Me: Think about this as; embedding layers store a trainable matrix (with backprop for example) where each row is a token embedding. If we have a token ID, we can perform a look up and retrieve the corresponding row, which is the embedding vector.


In [1]:
import torch
from torch.utils.data import Dataset, DataLoader

In [2]:
##A toy example -  four input tokens with IDs 2, 3, 5, and 1

input_ids = torch.tensor([2, 3, 5, 1])

In [3]:
vocab_size = 6 #This is different to our BPE vocab size of 50k+!
output_dim = 3 #GPT-3's embedding size is  12,288 dimensions

In [4]:
##Instantiating a embedding layer
torch.manual_seed(123)
embedding_layer = torch.nn.Embedding(vocab_size, output_dim)
print(embedding_layer.weight)

Parameter containing:
tensor([[ 0.3374, -0.1778, -0.1690],
        [ 0.9178,  1.5810,  1.3010],
        [ 1.2753, -0.2010, -0.1606],
        [-0.4015,  0.9666, -1.1481],
        [-1.1589,  0.3255, -0.6315],
        [-2.8400, -0.7849, -1.4096]], requires_grad=True)


#### 6x3 Matrix:
There is one row for each of the six possible tokens in the vocabulary,
and there is one column for each of the three embedding dimensions.



In [5]:
#Now, let’s apply it to a token ID to obtain the embedding vector:
print(embedding_layer(torch.tensor([3])))

tensor([[-0.4015,  0.9666, -1.1481]], grad_fn=<EmbeddingBackward0>)


We can find the above value in the fourth row of the matrix, or row 3 due to 0 numbering. This embedding layer is therefore a lookup which means we can retrieve rows from the embedding layer's weight matrix, with a token ID (in this instance, 3)
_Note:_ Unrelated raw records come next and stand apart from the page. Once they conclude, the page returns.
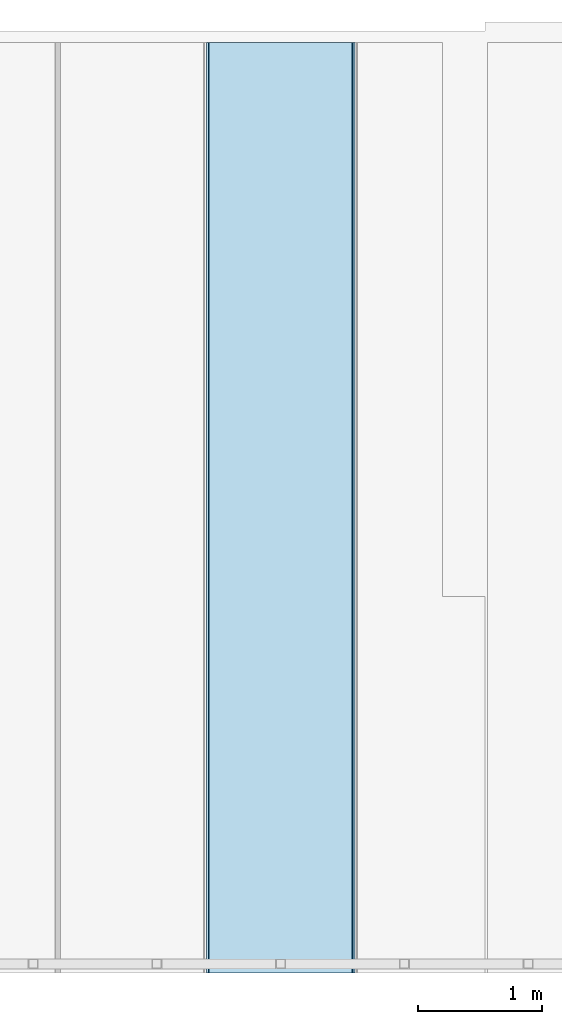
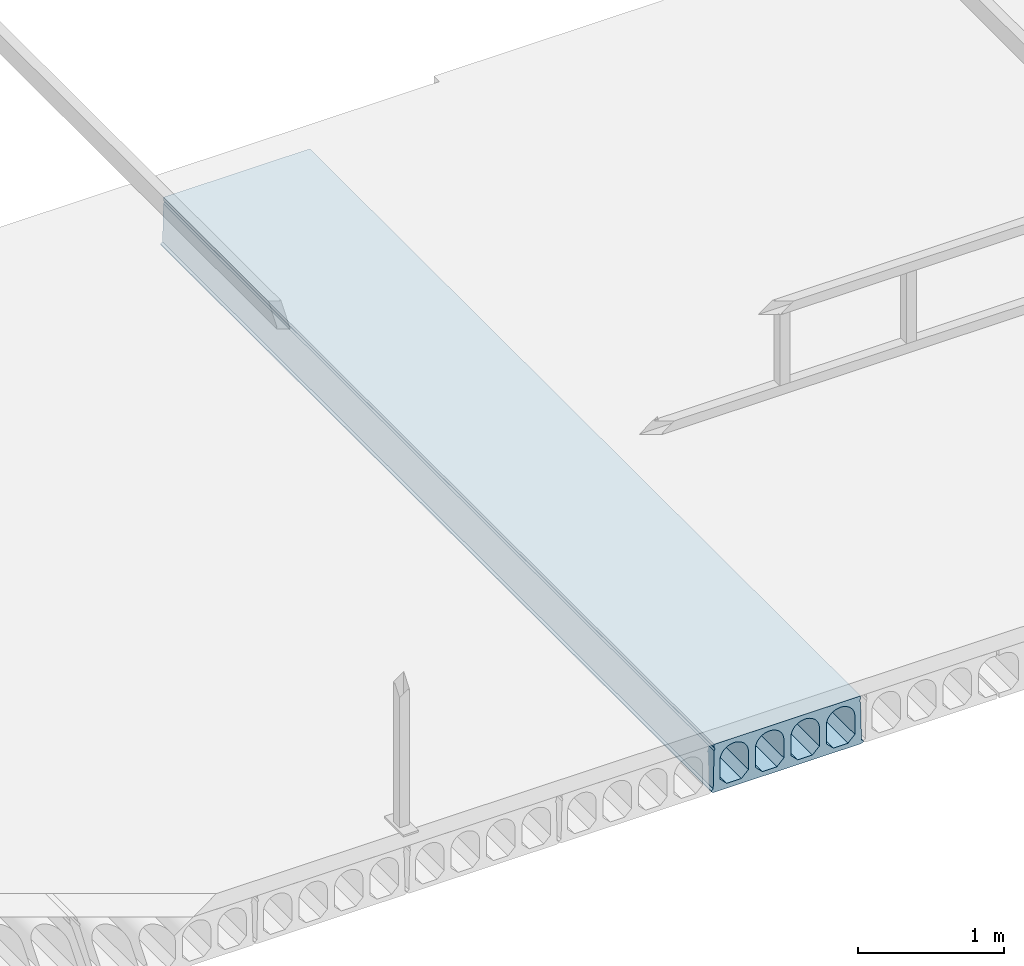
# One storey, part 13 of 20: 1 slab.
"""IFC2X3 building model written with IfcOpenShell, lengths in millimetres."""

from ifc_helpers import new_model, entity, si_unit, converted_unit, derived_unit, direction, frame, origin_with_axes, place, context, subcontext, project, spatial, faceted_brep, type_object, element, save


model = new_model("IFC2X3")

# Units and contexts
model_context = context("Model", 3, precision=0.01, world=frame((0.0, 4.29681676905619e-09, 0.0)), true_north=direction((4.01073788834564e-13, 1.0)))
plan_context = context("Plan", 3, precision=0.01, world=frame((0.0, 4.29681676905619e-09, 0.0)), true_north=direction((4.01073788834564e-13, 1.0)))
body_context = subcontext(model_context, "Body", "Model", "MODEL_VIEW")
ifc_project = project(units=[converted_unit("PLANEANGLEUNIT", "DEGREE", entity("IfcPositiveLengthMeasure", 0.0174532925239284), si_unit("PLANEANGLEUNIT", "RADIAN"), dimensions=[0, 0, 0, 0, 0, 0, 0]), si_unit("AREAUNIT", "SQUARE_METRE"), si_unit("LENGTHUNIT", "METRE", prefix="MILLI"), si_unit("MASSUNIT", "GRAM", prefix="KILO"), si_unit("POWERUNIT", "WATT"), si_unit("PRESSUREUNIT", "PASCAL", prefix="KILO"), si_unit("FORCEUNIT", "NEWTON", prefix="KILO"), si_unit("ELECTRICVOLTAGEUNIT", "VOLT"), si_unit("ELECTRICCURRENTUNIT", "AMPERE"), si_unit("THERMODYNAMICTEMPERATUREUNIT", "DEGREE_CELSIUS"), si_unit("TIMEUNIT", "SECOND"), si_unit("VOLUMEUNIT", "CUBIC_METRE"), derived_unit("LINEARVELOCITYUNIT", [(si_unit("LENGTHUNIT", "METRE"), 1), (si_unit("TIMEUNIT", "SECOND"), -1)]), derived_unit("VOLUMETRICFLOWRATEUNIT", [(si_unit("VOLUMEUNIT", "CUBIC_METRE"), 1), (si_unit("TIMEUNIT", "SECOND"), -1)]), derived_unit("THERMALTRANSMITTANCEUNIT", [(si_unit("POWERUNIT", "WATT"), 1), (si_unit("THERMODYNAMICTEMPERATUREUNIT", "KELVIN"), -1), (si_unit("AREAUNIT", "SQUARE_METRE"), -1)]), derived_unit("SOUNDPRESSUREUNIT", [(si_unit("PRESSUREUNIT", "PASCAL"), 1)])], contexts=[model_context, plan_context])

# Site, building, storey
site_placement = place(None, frame((0.0, -4.29681676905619e-09, 0.0), z_axis=(0.0, 0.0, 1.0), x_axis=(1.0, 0.0, 0.0)))
site = spatial("IfcSite", under=ifc_project, at=site_placement, Name="Gardermoen", CompositionType="ELEMENT")
building_placement = place(site_placement, frame((0.0, 4.29681676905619e-09, 0.0), z_axis=(0.0, 0.0, 1.0), x_axis=(1.0, 0.0, 0.0)))
building = spatial("IfcBuilding", under=site, at=building_placement, Name="TS", CompositionType="ELEMENT")
storey_placement = place(building_placement, origin_with_axes())
storey = spatial("IfcBuildingStorey", under=building, at=storey_placement, Name="D", CompositionType="ELEMENT", Elevation=0.0)

# Slab
slab_type = type_object("IfcSlabType", Name="HD400", PredefinedType="NOTDEFINED")
slab_placement = place(storey_placement, frame((603999.999766, 396739.995625, 203600.0), z_axis=(0.0, 0.0, 1.0), x_axis=(0.0, 1.0, 0.0)))
element("IfcSlab", 1, at=slab_placement, inside=storey, type_object=slab_type, Name="HULLDEKKE", ObjectType="HD400", PredefinedType="FLOOR", context=body_context, shape_type="Brep", body=[
    faceted_brep([(996.504375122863, 600.0, -180.0), (996.504375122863, 600.0, -190.0), (8520.0, 600.0, -190.0), (8520.0, 600.0, -180.0), (996.504375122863, 585.0, -170.0), (8520.0, 585.0, -170.0), (996.504375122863, 577.5, 145.0), (8520.0, 577.5, 145.0), (996.504375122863, 570.0, 160.0), (8520.0, 570.0, 160.0), (996.504375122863, 577.5, 175.0), (8520.0, 577.5, 175.0), (996.504375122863, 577.5, 200.0), (8520.0, 577.5, 200.0), (996.504375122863, -577.5, 200.0), (8520.0, -577.5, 200.0), (996.504375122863, -577.5, 175.0), (8520.0, -577.5, 175.0), (996.504375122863, -570.0, 160.0), (8520.0, -570.0, 160.0), (996.504375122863, -577.5, 145.0), (8520.0, -577.5, 145.0), (996.504375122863, -585.0, -170.0), (8520.0, -585.0, -170.0), (996.504375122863, -600.0, -180.0), (8520.0, -600.0, -180.0), (996.504375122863, -600.0, -190.0), (8520.0, -600.0, -190.0), (996.504375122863, -583.380004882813, -200.0), (8520.0, -583.380004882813, -200.0), (996.504375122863, 583.380004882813, -200.0), (8520.0, 583.380004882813, -200.0), (996.504375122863, -477.5, -160.0), (996.504375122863, -362.5, -160.0), (8520.0, -362.5, -160.0), (8520.0, -477.5, -160.0), (996.504375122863, -532.5, -105.0), (8520.0, -532.5, -105.0), (996.504375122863, -532.5, 47.5), (8520.0, -532.5, 47.5), (996.504375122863, -532.115755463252, 56.7901763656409), (8520.0, -532.115755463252, 56.7901763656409), (996.504375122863, -530.965646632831, 66.0168914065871), (8520.0, -530.965646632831, 66.0168914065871), (996.504375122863, -529.057529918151, 75.1171173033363), (8520.0, -529.057529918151, 75.1171173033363), (996.504375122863, -526.404439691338, 84.028690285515), (8520.0, -526.404439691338, 84.028690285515), (996.504375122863, -523.024499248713, 92.6907352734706), (8520.0, -523.024499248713, 92.6907352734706), (996.504375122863, -518.940797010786, 101.044081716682), (8520.0, -518.940797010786, 101.044081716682), (996.504375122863, -514.181228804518, 109.031667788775), (8520.0, -514.181228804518, 109.031667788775), (996.504375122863, -508.778307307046, 116.598930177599), (8520.0, -508.778307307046, 116.598930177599), (996.504375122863, -502.768939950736, 123.694176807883), (8520.0, -502.768939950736, 123.694176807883), (996.504375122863, -496.194176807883, 130.268939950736), (8520.0, -496.194176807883, 130.268939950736), (996.504375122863, -489.098930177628, 136.278307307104), (8520.0, -489.098930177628, 136.278307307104), (996.504375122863, -481.531667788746, 141.681228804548), (8520.0, -481.531667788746, 141.681228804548), (996.504375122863, -473.544081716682, 146.440797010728), (8520.0, -473.544081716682, 146.440797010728), (996.504375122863, -465.190735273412, 150.524499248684), (8520.0, -465.190735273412, 150.524499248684), (996.504375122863, -456.528690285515, 153.904439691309), (8520.0, -456.528690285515, 153.904439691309), (996.504375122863, -447.617117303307, 156.55752991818), (8520.0, -447.617117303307, 156.55752991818), (996.504375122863, -438.516891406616, 158.465646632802), (8520.0, -438.516891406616, 158.465646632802), (996.504375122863, -429.290176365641, 159.615755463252), (8520.0, -429.290176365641, 159.615755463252), (996.504375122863, -420.0, 160.0), (8520.0, -420.0, 160.0), (996.504375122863, -410.709823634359, 159.615755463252), (8520.0, -410.709823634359, 159.615755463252), (996.504375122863, -401.483108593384, 158.465646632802), (8520.0, -401.483108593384, 158.465646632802), (996.504375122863, -392.382882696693, 156.55752991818), (8520.0, -392.382882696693, 156.55752991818), (996.504375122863, -383.471309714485, 153.904439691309), (8520.0, -383.471309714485, 153.904439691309), (996.504375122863, -374.809264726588, 150.524499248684), (8520.0, -374.809264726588, 150.524499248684), (996.504375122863, -366.455918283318, 146.440797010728), (8520.0, -366.455918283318, 146.440797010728), (996.504375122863, -358.468332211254, 141.681228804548), (8520.0, -358.468332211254, 141.681228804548), (996.504375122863, -350.901069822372, 136.278307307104), (8520.0, -350.901069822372, 136.278307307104), (996.504375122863, -343.805823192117, 130.268939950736), (8520.0, -343.805823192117, 130.268939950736), (996.504375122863, -337.231060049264, 123.694176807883), (8520.0, -337.231060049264, 123.694176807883), (996.504375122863, -331.221692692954, 116.598930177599), (8520.0, -331.221692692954, 116.598930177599), (996.504375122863, -325.818771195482, 109.031667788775), (8520.0, -325.818771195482, 109.031667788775), (996.504375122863, -321.059202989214, 101.044081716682), (8520.0, -321.059202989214, 101.044081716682), (996.504375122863, -316.975500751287, 92.6907352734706), (8520.0, -316.975500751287, 92.6907352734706), (996.504375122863, -313.595560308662, 84.028690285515), (8520.0, -313.595560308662, 84.028690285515), (996.504375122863, -310.942470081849, 75.1171173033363), (8520.0, -310.942470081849, 75.1171173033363), (996.504375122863, -309.034353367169, 66.0168914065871), (8520.0, -309.034353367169, 66.0168914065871), (996.504375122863, -307.884244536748, 56.7901763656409), (8520.0, -307.884244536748, 56.7901763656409), (996.504375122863, -307.5, 47.5), (8520.0, -307.5, 47.5), (996.504375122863, -307.5, -105.0), (8520.0, -307.5, -105.0), (996.504375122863, -197.5, -160.0), (996.504375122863, -82.5, -160.0), (8520.0, -82.5, -160.0), (8520.0, -197.5, -160.0), (996.504375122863, -252.5, -105.0), (8520.0, -252.5, -105.0), (996.504375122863, -252.5, 47.5), (8520.0, -252.5, 47.5), (996.504375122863, -252.115755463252, 56.7901763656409), (8520.0, -252.115755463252, 56.7901763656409), (996.504375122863, -250.965646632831, 66.0168914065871), (8520.0, -250.965646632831, 66.0168914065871), (996.504375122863, -249.057529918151, 75.1171173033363), (8520.0, -249.057529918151, 75.1171173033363), (996.504375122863, -246.404439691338, 84.028690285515), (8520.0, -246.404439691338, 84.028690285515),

 In other words, the embedding layer is essentially a lookup operation that retrieves rows from the embedding layer’s weight matrix via a token ID.




#### Understanding one-hot encoding approach
"For those who are familiar with one-hot encoding, the embedding layer approach described here is essentially just a more efficient way of implementing one-hot encoding followed by matrix multiplication in a fully connected layer...

Because the embedding layer is just a more efficient implementation equivalent to the one-hot encoding and matrix-multiplication approach, it can be seen as a neural network layer that can be optimized via backpropagation."

More detailed guidance available [here](https://github.com/rasbt/LLMs-from-scratch/blob/main/ch02/03_bonus_embedding-vs-matmul/embeddings-and-linear-layers.ipynb)

In [6]:
print(embedding_layer(input_ids))

tensor([[ 1.2753, -0.2010, -0.1606],
        [-0.4015,  0.9666, -1.1481],
        [-2.8400, -0.7849, -1.4096],
        [ 0.9178,  1.5810,  1.3010]], grad_fn=<EmbeddingBackward0>)


## Encoding Word Positions

"The way the previously introduced embedding layer works is that the same token ID always gets mapped to the same vector representation, regardless of where the token ID is positioned in the input sequence"

But...Attention doesn't have a notion of position or order of a sequence. So while the above approach is quite deterministic and good for reproducibility, we need a method of injecting some positioning logic into the LLM.